ACTION ITEM
Scan the data for "origin" and copy the lines it appears in.

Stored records
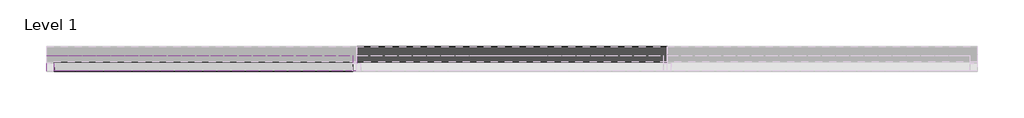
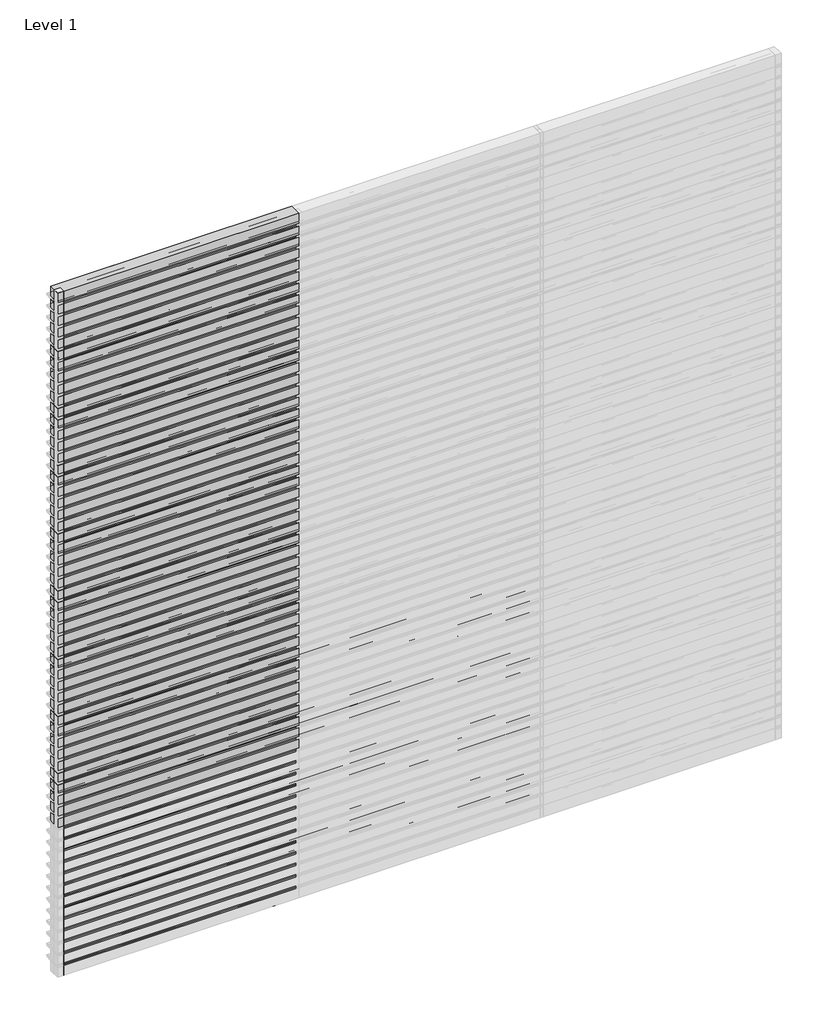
# One storey, part 2 of 6: 107 plates, 20 members.
"""IFC4 building model written with IfcOpenShell, lengths in millimetres."""

from ifc_helpers import new_model, si_unit, origin, place, context, project, spatial, transform, mapped, element, save
from components import rectangular_mullion_31e9810d, empty_system_panel_empty_de6cefbe, empty_system_panel_empty_499a71de, empty_system_panel_empty_20ea7497

model = new_model("IFC4")

# Units and contexts
model_context = context("Model", 3, world=origin())
ifc_project = project(units=[si_unit("LENGTHUNIT", "METRE", prefix="MILLI")], contexts=[model_context])

# Site, building, storey
site = spatial("IfcSite", under=ifc_project)
building = spatial("IfcBuilding", under=site)
storey = spatial("IfcBuildingStorey", under=building, Name="Level 1", Elevation=0.0)

# Members
placement = place(None, origin())
rectangular_mullion_shape = rectangular_mullion_31e9810d(model_context)
element("IfcMember", 1, ObjectType="Rectangular Mullion : RSen_21_CWM_blade - 100 ellips - 0°_gen_duco projects", at=placement, inside=storey, context=model_context, shape_type="MappedRepresentation", body=[
    mapped(rectangular_mullion_shape, transform((2000.0, 3000.0, 100.0), x_axis=(0.0, 0.0, 1.0), y_axis=(0.0, 1.0, 0.0), z_axis=(-1.0, 0.0, 0.0))),
])
element("IfcMember", 2, ObjectType="Rectangular Mullion : RSen_21_CWM_blade - 100 ellips - 0°_gen_duco projects", at=placement, inside=storey, context=model_context, shape_type="MappedRepresentation", body=[
    mapped(rectangular_mullion_shape, transform((2000.0, 3000.0, 200.0), x_axis=(0.0, 0.0, 1.0), y_axis=(0.0, 1.0, 0.0), z_axis=(-1.0, 0.0, 0.0))),
])
element("IfcMember", 3, ObjectType="Rectangular Mullion : RSen_21_CWM_blade - 100 ellips - 0°_gen_duco projects", at=placement, inside=storey, context=model_context, shape_type="MappedRepresentation", body=[
    mapped(rectangular_mullion_shape, transform((2000.0, 3000.0, 300.0), x_axis=(0.0, 0.0, 1.0), y_axis=(0.0, 1.0, 0.0), z_axis=(-1.0, 0.0, 0.0))),
])
element("IfcMember", 4, ObjectType="Rectangular Mullion : RSen_21_CWM_blade - 100 ellips - 0°_gen_duco projects", at=placement, inside=storey, context=model_context, shape_type="MappedRepresentation", body=[
    mapped(rectangular_mullion_shape, transform((2000.0, 3000.0, 400.0), x_axis=(0.0, 0.0, 1.0), y_axis=(0.0, 1.0, 0.0), z_axis=(-1.0, 0.0, 0.0))),
])
element("IfcMember", 5, ObjectType="Rectangular Mullion : RSen_21_CWM_blade - 100 ellips - 0°_gen_duco projects", at=placement, inside=storey, context=model_context, shape_type="MappedRepresentation", body=[
    mapped(rectangular_mullion_shape, transform((2000.0, 3000.0, 500.0), x_axis=(0.0, 0.0, 1.0), y_axis=(0.0, 1.0, 0.0), z_axis=(-1.0, 0.0, 0.0))),
])
element("IfcMember", 6, ObjectType="Rectangular Mullion : RSen_21_CWM_blade - 100 ellips - 0°_gen_duco projects", at=placement, inside=storey, context=model_context, shape_type="MappedRepresentation", body=[
    mapped(rectangular_mullion_shape, transform((2000.0, 3000.0, 600.0), x_axis=(0.0, 0.0, 1.0), y_axis=(0.0, 1.0, 0.0), z_axis=(-1.0, 0.0, 0.0))),
])
element("IfcMember", 7, ObjectType="Rectangular Mullion : RSen_21_CWM_blade - 100 ellips - 0°_gen_duco projects", at=placement, inside=storey, context=model_context, shape_type="MappedRepresentation", body=[
    mapped(rectangular_mullion_shape, transform((2000.0, 3000.0, 700.0), x_axis=(0.0, 0.0, 1.0), y_axis=(0.0, 1.0, 0.0), z_axis=(-1.0, 0.0, 0.0))),
])
element("IfcMember", 8, ObjectType="Rectangular Mullion : RSen_21_CWM_blade - 100 ellips - 0°_gen_duco projects", at=placement, inside=storey, context=model_context, shape_type="MappedRepresentation", body=[
    mapped(rectangular_mullion_shape, transform((2000.0, 3000.0, 800.0), x_axis=(0.0, 0.0, 1.0), y_axis=(0.0, 1.0, 0.0), z_axis=(-1.0, 0.0, 0.0))),
])
element("IfcMember", 9, ObjectType="Rectangular Mullion : RSen_21_CWM_blade - 100 ellips - 0°_gen_duco projects", at=placement, inside=storey, context=model_context, shape_type="MappedRepresentation", body=[
    mapped(rectangular_mullion_shape, transform((2000.0, 3000.0, 900.0), x_axis=(0.0, 0.0, 1.0), y_axis=(0.0, 1.0, 0.0), z_axis=(-1.0, 0.0, 0.0))),
])
element("IfcMember", 10, ObjectType="Rectangular Mullion : RSen_21_CWM_blade - 100 ellips - 0°_gen_duco projects", at=placement, inside=storey, context=model_context, shape_type="MappedRepresentation", body=[
    mapped(rectangular_mullion_shape, transform((2000.0, 3000.0, 1000.0), x_axis=(0.0, 0.0, 1.0), y_axis=(0.0, 1.0, 0.0), z_axis=(-1.0, 0.0, 0.0))),
])
element("IfcMember", 11, ObjectType="Rectangular Mullion : RSen_21_CWM_blade - 100 ellips - 0°_gen_duco projects", at=placement, inside=storey, context=model_context, shape_type="MappedRepresentation", body=[
    mapped(rectangular_mullion_shape, transform((2000.0, 3000.0, 1100.0), x_axis=(0.0, 0.0, 1.0), y_axis=(0.0, 1.0, 0.0), z_axis=(-1.0, 0.0, 0.0))),
])
element("IfcMember", 12, ObjectType="Rectangular Mullion : RSen_21_CWM_blade - 100 ellips - 0°_gen_duco projects", at=placement, inside=storey, context=model_context, shape_type="MappedRepresentation", body=[
    mapped(rectangular_mullion_shape, transform((2000.0, 3000.0, 1200.0), x_axis=(0.0, 0.0, 1.0), y_axis=(0.0, 1.0, 0.0), z_axis=(-1.0, 0.0, 0.0))),
])
element("IfcMember", 13, ObjectType="Rectangular Mullion : RSen_21_CWM_blade - 100 ellips - 0°_gen_duco projects", at=placement, inside=storey, context=model_context, shape_type="MappedRepresentation", body=[
    mapped(rectangular_mullion_shape, transform((2000.0, 3000.0, 1300.0), x_axis=(0.0, 0.0, 1.0), y_axis=(0.0, 1.0, 0.0), z_axis=(-1.0, 0.0, 0.0))),
])
element("IfcMember", 14, ObjectType="Rectangular Mullion : RSen_21_CWM_blade - 100 ellips - 0°_gen_duco projects", at=placement, inside=storey, context=model_context, shape_type="MappedRepresentation", body=[
    mapped(rectangular_mullion_shape, transform((2000.0, 3000.0, 1400.0), x_axis=(0.0, 0.0, 1.0), y_axis=(0.0, 1.0, 0.0), z_axis=(-1.0, 0.0, 0.0))),
])
element("IfcMember", 15, ObjectType="Rectangular Mullion : RSen_21_CWM_blade - 100 ellips - 0°_gen_duco projects", at=placement, inside=storey, context=model_context, shape_type="MappedRepresentation", body=[
    mapped(rectangular_mullion_shape, transform((2000.0, 3000.0, 1500.0), x_axis=(0.0, 0.0, 1.0), y_axis=(0.0, 1.0, 0.0), z_axis=(-1.0, 0.0, 0.0))),
])
element("IfcMember", 16, ObjectType="Rectangular Mullion : RSen_21_CWM_blade - 100 ellips - 0°_gen_duco projects", at=placement, inside=storey, context=model_context, shape_type="MappedRepresentation", body=[
    mapped(rectangular_mullion_shape, transform((2000.0, 3000.0, 1600.0), x_axis=(0.0, 0.0, 1.0), y_axis=(0.0, 1.0, 0.0), z_axis=(-1.0, 0.0, 0.0))),
])
element("IfcMember", 17, ObjectType="Rectangular Mullion : RSen_21_CWM_blade - 100 ellips - 0°_gen_duco projects", at=placement, inside=storey, context=model_context, shape_type="MappedRepresentation", body=[
    mapped(rectangular_mullion_shape, transform((2000.0, 3000.0, 1700.0), x_axis=(0.0, 0.0, 1.0), y_axis=(0.0, 1.0, 0.0), z_axis=(-1.0, 0.0, 0.0))),
])
element("IfcMember", 18, ObjectType="Rectangular Mullion : RSen_21_CWM_blade - 100 ellips - 0°_gen_duco projects", at=placement, inside=storey, context=model_context, shape_type="MappedRepresentation", body=[
    mapped(rectangular_mullion_shape, transform((2000.0, 3000.0, 1800.0), x_axis=(0.0, 0.0, 1.0), y_axis=(0.0, 1.0, 0.0), z_axis=(-1.0, 0.0, 0.0))),
])
element("IfcMember", 19, ObjectType="Rectangular Mullion : RSen_21_CWM_blade - 100 ellips - 0°_gen_duco projects", at=placement, inside=storey, context=model_context, shape_type="MappedRepresentation", body=[
    mapped(rectangular_mullion_shape, transform((2000.0, 3000.0, 1900.0), x_axis=(0.0, 0.0, 1.0), y_axis=(0.0, 1.0, 0.0), z_axis=(-1.0, 0.0, 0.0))),
])
element("IfcMember", 20, ObjectType="Rectangular Mullion : RSen_21_CWM_blade - 100 ellips - 0°_gen_duco projects", at=placement, inside=storey, context=model_context, shape_type="MappedRepresentation", body=[
    mapped(rectangular_mullion_shape, transform((2000.0, 3000.0, 2000.0), x_axis=(0.0, 0.0, 1.0), y_axis=(0.0, 1.0, 0.0), z_axis=(-1.0, 0.0, 0.0))),
])

# Plates
empty_system_panel_empty_shape = empty_system_panel_empty_de6cefbe(model_context)
element("IfcPlate", 21, ObjectType="Empty System Panel : Empty", at=placement, inside=storey, context=model_context, shape_type="MappedRepresentation", body=[
    mapped(empty_system_panel_empty_shape, transform((1000.0, 3000.0, 5913.0), x_axis=(-1.0, 0.0, 0.0), y_axis=(0.0, -1.0, 0.0), z_axis=(0.0, 0.0, 1.0))),
])
empty_system_panel_empty_2_shape = empty_system_panel_empty_499a71de(model_context)
element("IfcPlate", 22, ObjectType="Empty System Panel : Empty", at=placement, inside=storey, context=model_context, shape_type="MappedRepresentation", body=[
    mapped(empty_system_panel_empty_2_shape, transform((1000.0, 3000.0, 1313.0), x_axis=(-1.0, 0.0, 0.0), y_axis=(0.0, -1.0, 0.0), z_axis=(0.0, 0.0, 1.0))),
])
element("IfcPlate", 23, ObjectType="Empty System Panel : Empty", at=placement, inside=storey, context=model_context, shape_type="MappedRepresentation", body=[
    mapped(empty_system_panel_empty_2_shape, transform((1000.0, 3000.0, 1413.0), x_axis=(-1.0, 0.0, 0.0), y_axis=(0.0, -1.0, 0.0), z_axis=(0.0, 0.0, 1.0))),
])
element("IfcPlate", 24, ObjectType="Empty System Panel : Empty", at=placement, inside=storey, context=model_context, shape_type="MappedRepresentation", body=[
    mapped(empty_system_panel_empty_2_shape, transform((1000.0, 3000.0, 1513.0), x_axis=(-1.0, 0.0, 0.0), y_axis=(0.0, -1.0, 0.0), z_axis=(0.0, 0.0, 1.0))),
])
element("IfcPlate", 25, ObjectType="Empty System Panel : Empty", at=placement, inside=storey, context=model_context, shape_type="MappedRepresentation", body=[
    mapped(empty_system_panel_empty_2_shape, transform((1000.0, 3000.0, 1613.0), x_axis=(-1.0, 0.0, 0.0), y_axis=(0.0, -1.0, 0.0), z_axis=(0.0, 0.0, 1.0))),
])
element("IfcPlate", 26, ObjectType="Empty System Panel : Empty", at=placement, inside=storey, context=model_context, shape_type="MappedRepresentation", body=[
    mapped(empty_system_panel_empty_2_shape, transform((1000.0, 3000.0, 1713.0), x_axis=(-1.0, 0.0, 0.0), y_axis=(0.0, -1.0, 0.0), z_axis=(0.0, 0.0, 1.0))),
])
element("IfcPlate", 27, ObjectType="Empty System Panel : Empty", at=placement, inside=storey, context=model_context, shape_type="MappedRepresentation", body=[
    mapped(empty_system_panel_empty_2_shape, transform((1000.0, 3000.0, 1813.0), x_axis=(-1.0, 0.0, 0.0), y_axis=(0.0, -1.0, 0.0), z_axis=(0.0, 0.0, 1.0))),
])
element("IfcPlate", 28, ObjectType="Empty System Panel : Empty", at=placement, inside=storey, context=model_context, shape_type="MappedRepresentation", body=[
    mapped(empty_system_panel_empty_2_shape, transform((1000.0, 3000.0, 1913.0), x_axis=(-1.0, 0.0, 0.0), y_axis=(0.0, -1.0, 0.0), z_axis=(0.0, 0.0, 1.0))),
])
element("IfcPlate", 29, ObjectType="Empty System Panel : Empty", at=placement, inside=storey, context=model_context, shape_type="MappedRepresentation", body=[
    mapped(empty_system_panel_empty_2_shape, transform((1000.0, 3000.0, 2013.0), x_axis=(-1.0, 0.0, 0.0), y_axis=(0.0, -1.0, 0.0), z_axis=(0.0, 0.0, 1.0))),
])
element("IfcPlate", 30, ObjectType="Empty System Panel : Empty", at=placement, inside=storey, context=model_context, shape_type="MappedRepresentation", body=[
    mapped(empty_system_panel_empty_2_shape, transform((1000.0, 3000.0, 2113.0), x_axis=(-1.0, 0.0, 0.0), y_axis=(0.0, -1.0, 0.0), z_axis=(0.0, 0.0, 1.0))),
])
element("IfcPlate", 31, ObjectType="Empty System Panel : Empty", at=placement, inside=storey, context=model_context, shape_type="MappedRepresentation", body=[
    mapped(empty_system_panel_empty_2_shape, transform((1000.0, 3000.0, 2213.0), x_axis=(-1.0, 0.0, 0.0), y_axis=(0.0, -1.0, 0.0), z_axis=(0.0, 0.0, 1.0))),
])
element("IfcPlate", 32, ObjectType="Empty System Panel : Empty", at=placement, inside=storey, context=model_context, shape_type="MappedRepresentation", body=[
    mapped(empty_system_panel_empty_2_shape, transform((1000.0, 3000.0, 2313.0), x_axis=(-1.0, 0.0, 0.0), y_axis=(0.0, -1.0, 0.0), z_axis=(0.0, 0.0, 1.0))),
])
element("IfcPlate", 33, ObjectType="Empty System Panel : Empty", at=placement, inside=storey, context=model_context, shape_type="MappedRepresentation", body=[
    mapped(empty_system_panel_empty_2_shape, transform((1000.0, 3000.0, 2413.0), x_axis=(-1.0, 0.0, 0.0), y_axis=(0.0, -1.0, 0.0), z_axis=(0.0, 0.0, 1.0))),
])
element("IfcPlate", 34, ObjectType="Empty System Panel : Empty", at=placement, inside=storey, context=model_context, shape_type="MappedRepresentation", body=[
    mapped(empty_system_panel_empty_2_shape, transform((1000.0, 3000.0, 2513.0), x_axis=(-1.0, 0.0, 0.0), y_axis=(0.0, -1.0, 0.0), z_axis=(0.0, 0.0, 1.0))),
])
element("IfcPlate", 35, ObjectType="Empty System Panel : Empty", at=placement, inside=storey, context=model_context, shape_type="MappedRepresentation", body=[
    mapped(empty_system_panel_empty_2_shape, transform((1000.0, 3000.0, 2613.0), x_axis=(-1.0, 0.0, 0.0), y_axis=(0.0, -1.0, 0.0), z_axis=(0.0, 0.0, 1.0))),
])
element("IfcPlate", 36, ObjectType="Empty System Panel : Empty", at=placement, inside=storey, context=model_context, shape_type="MappedRepresentation", body=[
    mapped(empty_system_panel_empty_2_shape, transform((1000.0, 3000.0, 2713.0), x_axis=(-1.0, 0.0, 0.0), y_axis=(0.0, -1.0, 0.0), z_axis=(0.0, 0.0, 1.0))),
])
element("IfcPlate", 37, ObjectType="Empty System Panel : Empty", at=placement, inside=storey, context=model_context, shape_type="MappedRepresentation", body=[
    mapped(empty_system_panel_empty_2_shape, transform((1000.0, 3000.0, 2813.0), x_axis=(-1.0, 0.0, 0.0), y_axis=(0.0, -1.0, 0.0), z_axis=(0.0, 0.0, 1.0))),
])
element("IfcPlate", 38, ObjectType="Empty System Panel : Empty", at=placement, inside=storey, context=model_context, shape_type="MappedRepresentation", body=[
    mapped(empty_system_panel_empty_2_shape, transform((1000.0, 3000.0, 2913.0), x_axis=(-1.0, 0.0, 0.0), y_axis=(0.0, -1.0, 0.0), z_axis=(0.0, 0.0, 1.0))),
])
element("IfcPlate", 39, ObjectType="Empty System Panel : Empty", at=placement, inside=storey, context=model_context, shape_type="MappedRepresentation", body=[
    mapped(empty_system_panel_empty_2_shape, transform((1000.0, 3000.0, 3013.0), x_axis=(-1.0, 0.0, 0.0), y_axis=(0.0, -1.0, 0.0), z_axis=(0.0, 0.0, 1.0))),
])
element("IfcPlate", 40, ObjectType="Empty System Panel : Empty", at=placement, inside=storey, context=model_context, shape_type="MappedRepresentation", body=[
    mapped(empty_system_panel_empty_2_shape, transform((1000.0, 3000.0, 3113.0), x_axis=(-1.0, 0.0, 0.0), y_axis=(0.0, -1.0, 0.0), z_axis=(0.0, 0.0, 1.0))),
])
element("IfcPlate", 41, ObjectType="Empty System Panel : Empty", at=placement, inside=storey, context=model_context, shape_type="MappedRepresentation", body=[
    mapped(empty_system_panel_empty_2_shape, transform((1000.0, 3000.0, 3213.0), x_axis=(-1.0, 0.0, 0.0), y_axis=(0.0, -1.0, 0.0), z_axis=(0.0, 0.0, 1.0))),
])
element("IfcPlate", 42, ObjectType="Empty System Panel : Empty", at=placement, inside=storey, context=model_context, shape_type="MappedRepresentation", body=[
    mapped(empty_system_panel_empty_2_shape, transform((1000.0, 3000.0, 3313.0), x_axis=(-1.0, 0.0, 0.0), y_axis=(0.0, -1.0, 0.0), z_axis=(0.0, 0.0, 1.0))),
])
element("IfcPlate", 43, ObjectType="Empty System Panel : Empty", at=placement, inside=storey, context=model_context, shape_type="MappedRepresentation", body=[
    mapped(empty_system_panel_empty_2_shape, transform((1000.0, 3000.0, 3413.0), x_axis=(-1.0, 0.0, 0.0), y_axis=(0.0, -1.0, 0.0), z_axis=(0.0, 0.0, 1.0))),
])
element("IfcPlate", 44, ObjectType="Empty System Panel : Empty", at=placement, inside=storey, context=model_context, shape_type="MappedRepresentation", body=[
    mapped(empty_system_panel_empty_2_shape, transform((1000.0, 3000.0, 3513.0), x_axis=(-1.0, 0.0, 0.0), y_axis=(0.0, -1.0, 0.0), z_axis=(0.0, 0.0, 1.0))),
])
element("IfcPlate", 45, ObjectType="Empty System Panel : Empty", at=placement, inside=storey, context=model_context, shape_type="MappedRepresentation", body=[
    mapped(empty_system_panel_empty_2_shape, transform((1000.0, 3000.0, 3613.0), x_axis=(-1.0, 0.0, 0.0), y_axis=(0.0, -1.0, 0.0), z_axis=(0.0, 0.0, 1.0))),
])
element("IfcPlate", 46, ObjectType="Empty System Panel : Empty", at=placement, inside=storey, context=model_context, shape_type="MappedRepresentation", body=[
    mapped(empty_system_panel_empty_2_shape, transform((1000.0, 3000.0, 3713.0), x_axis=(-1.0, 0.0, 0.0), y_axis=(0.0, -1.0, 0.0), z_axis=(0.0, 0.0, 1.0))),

RESPONSE AREA
from ifc_helpers import new_model, si_unit, origin, place, context, project, spatial, transform, mapped, element, save
model_context = context("Model", 3, world=origin())
placement = place(None, origin())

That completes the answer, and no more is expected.